Sourcepoint is another CMP focussed on user experience. It helps you comply with GDPR and CCPA and supports IAB’s Transparency and Consent Framework (TCF) versions 1 and 2. It also enables you to maintain a centralized database of consent records with the help of API.
- Tools to optimize consent management and ad monetization.
- Scans your website to add vendors automatically to your vendor list.
- Identity-based consent to track users across devices so that you are following users’ privacy preferences without asking for them again and again.
- Customizable UI components with the help of CSS and HTML.
- Sourcepoint supports both IAB and non-IAB vendors. So, you can manage them all with a single CMP.
- It provides user-friendly dashboards that help customize consent and monetization strategies for better results.
- Cross-environment compatibility saves time and effort by enabling you to manage consent signals across the desktop and mobile web, including AMP pages, OTT, Android, and iOS apps.
- Sourcepoint maintains vendor-wise records of consent for each user individually to provide enhanced controls to the user.
Every Consent Management Platform will have some common and exclusive features for publishers. Privacy policies like CCPA and GDPR require you to ask for the user’s consent and make you responsible for maintaining and securing the collected data (once the consent is given).

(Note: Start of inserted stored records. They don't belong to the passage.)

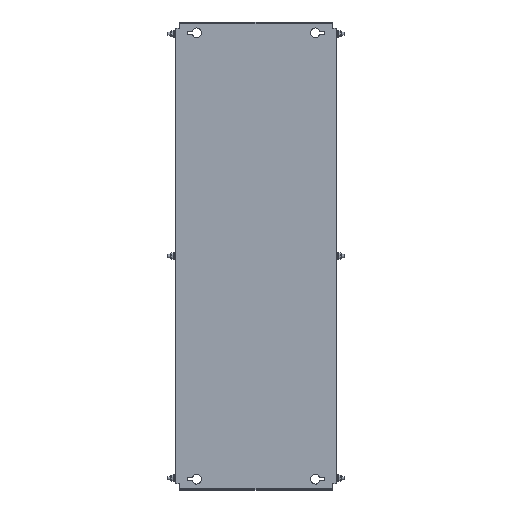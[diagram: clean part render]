
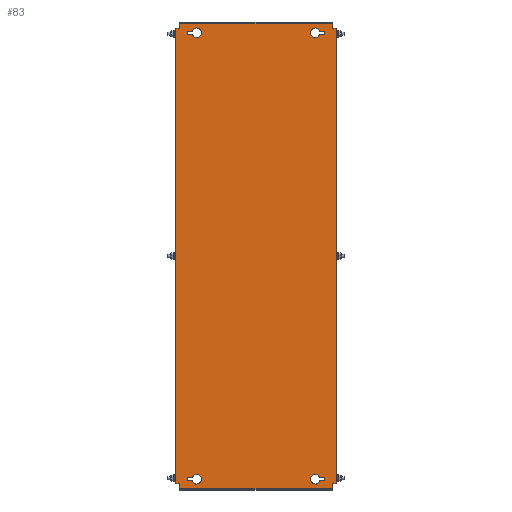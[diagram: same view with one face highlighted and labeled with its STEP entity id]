
A CAD part, top view. The second image highlights one B-rep face of the part: STEP entity #83.
In plain terms, the highlighted planar face has unit normal (0, 0, 1).
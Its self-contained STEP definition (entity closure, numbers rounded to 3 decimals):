
#83 = ADVANCED_FACE('',(#84,#119,#154,#316,#351),#386,.T.);
#84 = FACE_BOUND('',#85,.T.);
#85 = EDGE_LOOP('',(#86,#96,#104,#112));
#86 = ORIENTED_EDGE('',*,*,#87,.T.);
#87 = EDGE_CURVE('',#88,#90,#92,.T.);
#88 = VERTEX_POINT('',#89);
#89 = CARTESIAN_POINT('',(118.393,417.75,2.));
#90 = VERTEX_POINT('',#91);
#91 = CARTESIAN_POINT('',(128.,417.75,2.));
#92 = LINE('',#93,#94);
#93 = CARTESIAN_POINT('',(127.,417.75,2.));
#94 = VECTOR('',#95,1.);
#95 = DIRECTION('',(1.,0.,0.));
#96 = ORIENTED_EDGE('',*,*,#97,.T.);
#97 = EDGE_CURVE('',#90,#98,#100,.T.);
#98 = VERTEX_POINT('',#99);
#99 = CARTESIAN_POINT('',(128.,411.25,2.));
#100 = LINE('',#101,#102);
#101 = CARTESIAN_POINT('',(128.,417.75,2.));
#102 = VECTOR('',#103,1.);
#103 = DIRECTION('',(0.,-1.,0.));
#104 = ORIENTED_EDGE('',*,*,#105,.T.);
#105 = EDGE_CURVE('',#98,#106,#108,.T.);
#106 = VERTEX_POINT('',#107);
#107 = CARTESIAN_POINT('',(118.393,411.25,2.));
#108 = LINE('',#109,#110);
#109 = CARTESIAN_POINT('',(127.,411.25,2.));
#110 = VECTOR('',#111,1.);
#111 = DIRECTION('',(-1.,0.,0.));
#112 = ORIENTED_EDGE('',*,*,#113,.T.);
#113 = EDGE_CURVE('',#106,#88,#114,.T.);
#114 = CIRCLE('',#115,9.);
#115 = AXIS2_PLACEMENT_3D('',#116,#117,#118);
#116 = CARTESIAN_POINT('',(110.,414.5,2.));
#117 = DIRECTION('',(0.,0.,-1.));
#118 = DIRECTION('',(1.,0.,0.));
#119 = FACE_BOUND('',#120,.T.);
#120 = EDGE_LOOP('',(#121,#131,#139,#147));
#121 = ORIENTED_EDGE('',*,*,#122,.T.);
#122 = EDGE_CURVE('',#123,#125,#127,.T.);
#123 = VERTEX_POINT('',#124);
#124 = CARTESIAN_POINT('',(-118.393,-417.75,2.));
#125 = VERTEX_POINT('',#126);
#126 = CARTESIAN_POINT('',(-128.,-417.75,2.));
#127 = LINE('',#128,#129);
#128 = CARTESIAN_POINT('',(-127.,-417.75,2.));
#129 = VECTOR('',#130,1.);
#130 = DIRECTION('',(-1.,0.,0.));
#131 = ORIENTED_EDGE('',*,*,#132,.T.);
#132 = EDGE_CURVE('',#125,#133,#135,.T.);
#133 = VERTEX_POINT('',#134);
#134 = CARTESIAN_POINT('',(-128.,-411.25,2.));
#135 = LINE('',#136,#137);
#136 = CARTESIAN_POINT('',(-128.,-417.75,2.));
#137 = VECTOR('',#138,1.);
#138 = DIRECTION('',(0.,1.,0.));
#139 = ORIENTED_EDGE('',*,*,#140,.T.);
#140 = EDGE_CURVE('',#133,#141,#143,.T.);
#141 = VERTEX_POINT('',#142);
#142 = CARTESIAN_POINT('',(-118.393,-411.25,2.));
#143 = LINE('',#144,#145);
#144 = CARTESIAN_POINT('',(-127.,-411.25,2.));
#145 = VECTOR('',#146,1.);
#146 = DIRECTION('',(1.,-0.,-0.));
#147 = ORIENTED_EDGE('',*,*,#148,.T.);
#148 = EDGE_CURVE('',#141,#123,#149,.T.);
#149 = CIRCLE('',#150,9.);
#150 = AXIS2_PLACEMENT_3D('',#151,#152,#153);
#151 = CARTESIAN_POINT('',(-110.,-414.5,2.));
#152 = DIRECTION('',(0.,0.,-1.));
#153 = DIRECTION('',(-1.,0.,0.));
#154 = FACE_BOUND('',#155,.T.);
#155 = EDGE_LOOP('',(#156,#166,#174,#182,#190,#198,#206,#214,#222,#230,
    #238,#246,#254,#262,#270,#278,#286,#294,#302,#310));
#156 = ORIENTED_EDGE('',*,*,#157,.F.);
#157 = EDGE_CURVE('',#158,#160,#162,.T.);
#158 = VERTEX_POINT('',#159);
#159 = CARTESIAN_POINT('',(-147.4,422.5,2.));
#160 = VERTEX_POINT('',#161);
#161 = CARTESIAN_POINT('',(-142.,422.5,2.));
#162 = LINE('',#163,#164);
#163 = CARTESIAN_POINT('',(-148.,422.5,2.));
#164 = VECTOR('',#165,1.);
#165 = DIRECTION('',(1.,0.,-0.));
#166 = ORIENTED_EDGE('',*,*,#167,.T.);
#167 = EDGE_CURVE('',#158,#168,#170,.T.);
#168 = VERTEX_POINT('',#169);
#169 = CARTESIAN_POINT('',(-150.,422.5,2.));
#170 = LINE('',#171,#172);
#171 = CARTESIAN_POINT('',(-147.4,422.5,2.));
#172 = VECTOR('',#173,1.);
#173 = DIRECTION('',(-1.,0.,0.));
#174 = ORIENTED_EDGE('',*,*,#175,.F.);
#175 = EDGE_CURVE('',#176,#168,#178,.T.);
#176 = VERTEX_POINT('',#177);
#177 = CARTESIAN_POINT('',(-150.,-422.5,2.));
#178 = LINE('',#179,#180);
#179 = CARTESIAN_POINT('',(-150.,-432.5,2.));
#180 = VECTOR('',#181,1.);
#181 = DIRECTION('',(0.,1.,-0.));
#182 = ORIENTED_EDGE('',*,*,#183,.F.);
#183 = EDGE_CURVE('',#184,#176,#186,.T.);
#184 = VERTEX_POINT('',#185);
#185 = CARTESIAN_POINT('',(-147.4,-422.5,2.));
#186 = LINE('',#187,#188);
#187 = CARTESIAN_POINT('',(-142.,-422.5,2.));
#188 = VECTOR('',#189,1.);
#189 = DIRECTION('',(-1.,-0.,-0.));
#190 = ORIENTED_EDGE('',*,*,#191,.T.);
#191 = EDGE_CURVE('',#184,#192,#194,.T.);
#192 = VERTEX_POINT('',#193);
#193 = CARTESIAN_POINT('',(-142.,-422.5,2.));
#194 = LINE('',#195,#196);
#195 = CARTESIAN_POINT('',(-148.,-422.5,2.));
#196 = VECTOR('',#197,1.);
#197 = DIRECTION('',(1.,0.,-0.));
#198 = ORIENTED_EDGE('',*,*,#199,.T.);
#199 = EDGE_CURVE('',#192,#200,#202,.T.);
#200 = VERTEX_POINT('',#201);
#201 = CARTESIAN_POINT('',(-142.,-431.9,2.));
#202 = LINE('',#203,#204);
#203 = CARTESIAN_POINT('',(-142.,432.5,2.));
#204 = VECTOR('',#205,1.);
#205 = DIRECTION('',(0.,-1.,0.));
#206 = ORIENTED_EDGE('',*,*,#207,.T.);
#207 = EDGE_CURVE('',#200,#208,#210,.T.);
#208 = VERTEX_POINT('',#209);
#209 = CARTESIAN_POINT('',(-142.,-432.5,2.));
#210 = LINE('',#211,#212);
#211 = CARTESIAN_POINT('',(-142.,-431.9,2.));
#212 = VECTOR('',#213,1.);
#213 = DIRECTION('',(-0.,-1.,-0.));
#214 = ORIENTED_EDGE('',*,*,#215,.T.);
#215 = EDGE_CURVE('',#208,#216,#218,.T.);
#216 = VERTEX_POINT('',#217);
#217 = CARTESIAN_POINT('',(142.,-432.5,2.));
#218 = LINE('',#219,#220);
#219 = CARTESIAN_POINT('',(142.,-432.5,2.));
#220 = VECTOR('',#221,1.);
#221 = DIRECTION('',(1.,0.,0.));
#222 = ORIENTED_EDGE('',*,*,#223,.F.);
#223 = EDGE_CURVE('',#224,#216,#226,.T.);
#224 = VERTEX_POINT('',#225);
#225 = CARTESIAN_POINT('',(142.,-431.9,2.));
#226 = LINE('',#227,#228);
#227 = CARTESIAN_POINT('',(142.,-432.5,2.));
#228 = VECTOR('',#229,1.);
#229 = DIRECTION('',(0.,-1.,0.));
#230 = ORIENTED_EDGE('',*,*,#231,.T.);
#231 = EDGE_CURVE('',#224,#232,#234,.T.);
#232 = VERTEX_POINT('',#233);
#233 = CARTESIAN_POINT('',(142.,-422.5,2.));
#234 = LINE('',#235,#236);
#235 = CARTESIAN_POINT('',(142.,432.5,2.));
#236 = VECTOR('',#237,1.);
#237 = DIRECTION('',(0.,1.,-0.));
#238 = ORIENTED_EDGE('',*,*,#239,.F.);
#239 = EDGE_CURVE('',#240,#232,#242,.T.);
#240 = VERTEX_POINT('',#241);
#241 = CARTESIAN_POINT('',(147.4,-422.5,2.));
#242 = LINE('',#243,#244);
#243 = CARTESIAN_POINT('',(148.,-422.5,2.));
#244 = VECTOR('',#245,1.);
#245 = DIRECTION('',(-1.,0.,-0.));
#246 = ORIENTED_EDGE('',*,*,#247,.T.);
#247 = EDGE_CURVE('',#240,#248,#250,.T.);
#248 = VERTEX_POINT('',#249);
#249 = CARTESIAN_POINT('',(150.,-422.5,2.));
#250 = LINE('',#251,#252);
#251 = CARTESIAN_POINT('',(147.4,-422.5,2.));
#252 = VECTOR('',#253,1.);
#253 = DIRECTION('',(1.,0.,0.));
#254 = ORIENTED_EDGE('',*,*,#255,.F.);
#255 = EDGE_CURVE('',#256,#248,#258,.T.);
#256 = VERTEX_POINT('',#257);
#257 = CARTESIAN_POINT('',(150.,422.5,2.));
#258 = LINE('',#259,#260);
#259 = CARTESIAN_POINT('',(150.,-432.5,2.));
#260 = VECTOR('',#261,1.);
#261 = DIRECTION('',(0.,-1.,-0.));
#262 = ORIENTED_EDGE('',*,*,#263,.F.);
#263 = EDGE_CURVE('',#264,#256,#266,.T.);
#264 = VERTEX_POINT('',#265);
#265 = CARTESIAN_POINT('',(147.4,422.5,2.));
#266 = LINE('',#267,#268);
#267 = CARTESIAN_POINT('',(-142.,422.5,2.));
#268 = VECTOR('',#269,1.);
#269 = DIRECTION('',(1.,-0.,-0.));
#270 = ORIENTED_EDGE('',*,*,#271,.T.);
#271 = EDGE_CURVE('',#264,#272,#274,.T.);
#272 = VERTEX_POINT('',#273);
#273 = CARTESIAN_POINT('',(142.,422.5,2.));
#274 = LINE('',#275,#276);
#275 = CARTESIAN_POINT('',(148.,422.5,2.));
#276 = VECTOR('',#277,1.);
#277 = DIRECTION('',(-1.,0.,-0.));
#278 = ORIENTED_EDGE('',*,*,#279,.T.);
#279 = EDGE_CURVE('',#272,#280,#282,.T.);
#280 = VERTEX_POINT('',#281);
#281 = CARTESIAN_POINT('',(142.,431.9,2.));
#282 = LINE('',#283,#284);
#283 = CARTESIAN_POINT('',(142.,432.5,2.));
#284 = VECTOR('',#285,1.);
#285 = DIRECTION('',(0.,1.,-0.));
#286 = ORIENTED_EDGE('',*,*,#287,.T.);
#287 = EDGE_CURVE('',#280,#288,#290,.T.);
#288 = VERTEX_POINT('',#289);
#289 = CARTESIAN_POINT('',(142.,432.5,2.));
#290 = LINE('',#291,#292);
#291 = CARTESIAN_POINT('',(142.,431.9,2.));
#292 = VECTOR('',#293,1.);
#293 = DIRECTION('',(-0.,1.,-0.));
#294 = ORIENTED_EDGE('',*,*,#295,.T.);
#295 = EDGE_CURVE('',#288,#296,#298,.T.);
#296 = VERTEX_POINT('',#297);
#297 = CARTESIAN_POINT('',(-142.,432.5,2.));
#298 = LINE('',#299,#300);
#299 = CARTESIAN_POINT('',(-142.,432.5,2.));
#300 = VECTOR('',#301,1.);
#301 = DIRECTION('',(-1.,0.,0.));
#302 = ORIENTED_EDGE('',*,*,#303,.F.);
#303 = EDGE_CURVE('',#304,#296,#306,.T.);
#304 = VERTEX_POINT('',#305);
#305 = CARTESIAN_POINT('',(-142.,431.9,2.));
#306 = LINE('',#307,#308);
#307 = CARTESIAN_POINT('',(-142.,-432.5,2.));
#308 = VECTOR('',#309,1.);
#309 = DIRECTION('',(0.,1.,-0.));
#310 = ORIENTED_EDGE('',*,*,#311,.T.);
#311 = EDGE_CURVE('',#304,#160,#312,.T.);
#312 = LINE('',#313,#314);
#313 = CARTESIAN_POINT('',(-142.,432.5,2.));
#314 = VECTOR('',#315,1.);
#315 = DIRECTION('',(0.,-1.,0.));
#316 = FACE_BOUND('',#317,.T.);
#317 = EDGE_LOOP('',(#318,#328,#336,#344));
#318 = ORIENTED_EDGE('',*,*,#319,.F.);
#319 = EDGE_CURVE('',#320,#322,#324,.T.);
#320 = VERTEX_POINT('',#321);
#321 = CARTESIAN_POINT('',(128.,-411.25,2.));
#322 = VERTEX_POINT('',#323);
#323 = CARTESIAN_POINT('',(118.393,-411.25,2.));
#324 = LINE('',#325,#326);
#325 = CARTESIAN_POINT('',(118.393,-411.25,2.));
#326 = VECTOR('',#327,1.);
#327 = DIRECTION('',(-1.,0.,0.));
#328 = ORIENTED_EDGE('',*,*,#329,.F.);
#329 = EDGE_CURVE('',#330,#320,#332,.T.);
#330 = VERTEX_POINT('',#331);
#331 = CARTESIAN_POINT('',(128.,-417.75,2.));
#332 = LINE('',#333,#334);
#333 = CARTESIAN_POINT('',(128.,-411.25,2.));
#334 = VECTOR('',#335,1.);
#335 = DIRECTION('',(0.,1.,0.));
#336 = ORIENTED_EDGE('',*,*,#337,.F.);
#337 = EDGE_CURVE('',#338,#330,#340,.T.);
#338 = VERTEX_POINT('',#339);
#339 = CARTESIAN_POINT('',(118.393,-417.75,2.));
#340 = LINE('',#341,#342);
#341 = CARTESIAN_POINT('',(127.,-417.75,2.));
#342 = VECTOR('',#343,1.);
#343 = DIRECTION('',(1.,0.,0.));
#344 = ORIENTED_EDGE('',*,*,#345,.F.);
#345 = EDGE_CURVE('',#322,#338,#346,.T.);
#346 = CIRCLE('',#347,9.);
#347 = AXIS2_PLACEMENT_3D('',#348,#349,#350);
#348 = CARTESIAN_POINT('',(110.,-414.5,2.));
#349 = DIRECTION('',(0.,-0.,1.));
#350 = DIRECTION('',(1.,0.,0.));
#351 = FACE_BOUND('',#352,.T.);
#352 = EDGE_LOOP('',(#353,#363,#371,#379));
#353 = ORIENTED_EDGE('',*,*,#354,.F.);
#354 = EDGE_CURVE('',#355,#357,#359,.T.);
#355 = VERTEX_POINT('',#356);
#356 = CARTESIAN_POINT('',(-128.,411.25,2.));
#357 = VERTEX_POINT('',#358);
#358 = CARTESIAN_POINT('',(-118.393,411.25,2.));
#359 = LINE('',#360,#361);
#360 = CARTESIAN_POINT('',(-118.393,411.25,2.));
#361 = VECTOR('',#362,1.);
#362 = DIRECTION('',(1.,0.,0.));
#363 = ORIENTED_EDGE('',*,*,#364,.F.);
#364 = EDGE_CURVE('',#365,#355,#367,.T.);
#365 = VERTEX_POINT('',#366);
#366 = CARTESIAN_POINT('',(-128.,417.75,2.));
#367 = LINE('',#368,#369);
#368 = CARTESIAN_POINT('',(-128.,411.25,2.));
#369 = VECTOR('',#370,1.);
#370 = DIRECTION('',(0.,-1.,0.));
#371 = ORIENTED_EDGE('',*,*,#372,.F.);
#372 = EDGE_CURVE('',#373,#365,#375,.T.);
#373 = VERTEX_POINT('',#374);
#374 = CARTESIAN_POINT('',(-118.393,417.75,2.));
#375 = LINE('',#376,#377);
#376 = CARTESIAN_POINT('',(-127.,417.75,2.));
#377 = VECTOR('',#378,1.);
#378 = DIRECTION('',(-1.,0.,0.));
#379 = ORIENTED_EDGE('',*,*,#380,.F.);
#380 = EDGE_CURVE('',#357,#373,#381,.T.);
#381 = CIRCLE('',#382,9.);
#382 = AXIS2_PLACEMENT_3D('',#383,#384,#385);
#383 = CARTESIAN_POINT('',(-110.,414.5,2.));
#384 = DIRECTION('',(0.,-0.,1.));
#385 = DIRECTION('',(-1.,0.,0.));
#386 = PLANE('',#387);
#387 = AXIS2_PLACEMENT_3D('',#388,#389,#390);
#388 = CARTESIAN_POINT('',(-142.,-432.5,2.));
#389 = DIRECTION('',(-0.,0.,1.));
#390 = DIRECTION('',(1.,0.,0.));

You are supposed to have an accurate audit trail explaining who consented, how the consent was taken, and what was told to the user while the consent was being taken. You should also be able to delete the data or provide it upon the user’s request.
The above-mentioned CMPs are capable of all the arrangements necessary for compliance. But the companies can also offer all the services separately in a modular fashion. You can choose to take all the services from the same company or separate services based on your requirements and integrate them. Assessing your needs before choosing the CMP for your website will always be better.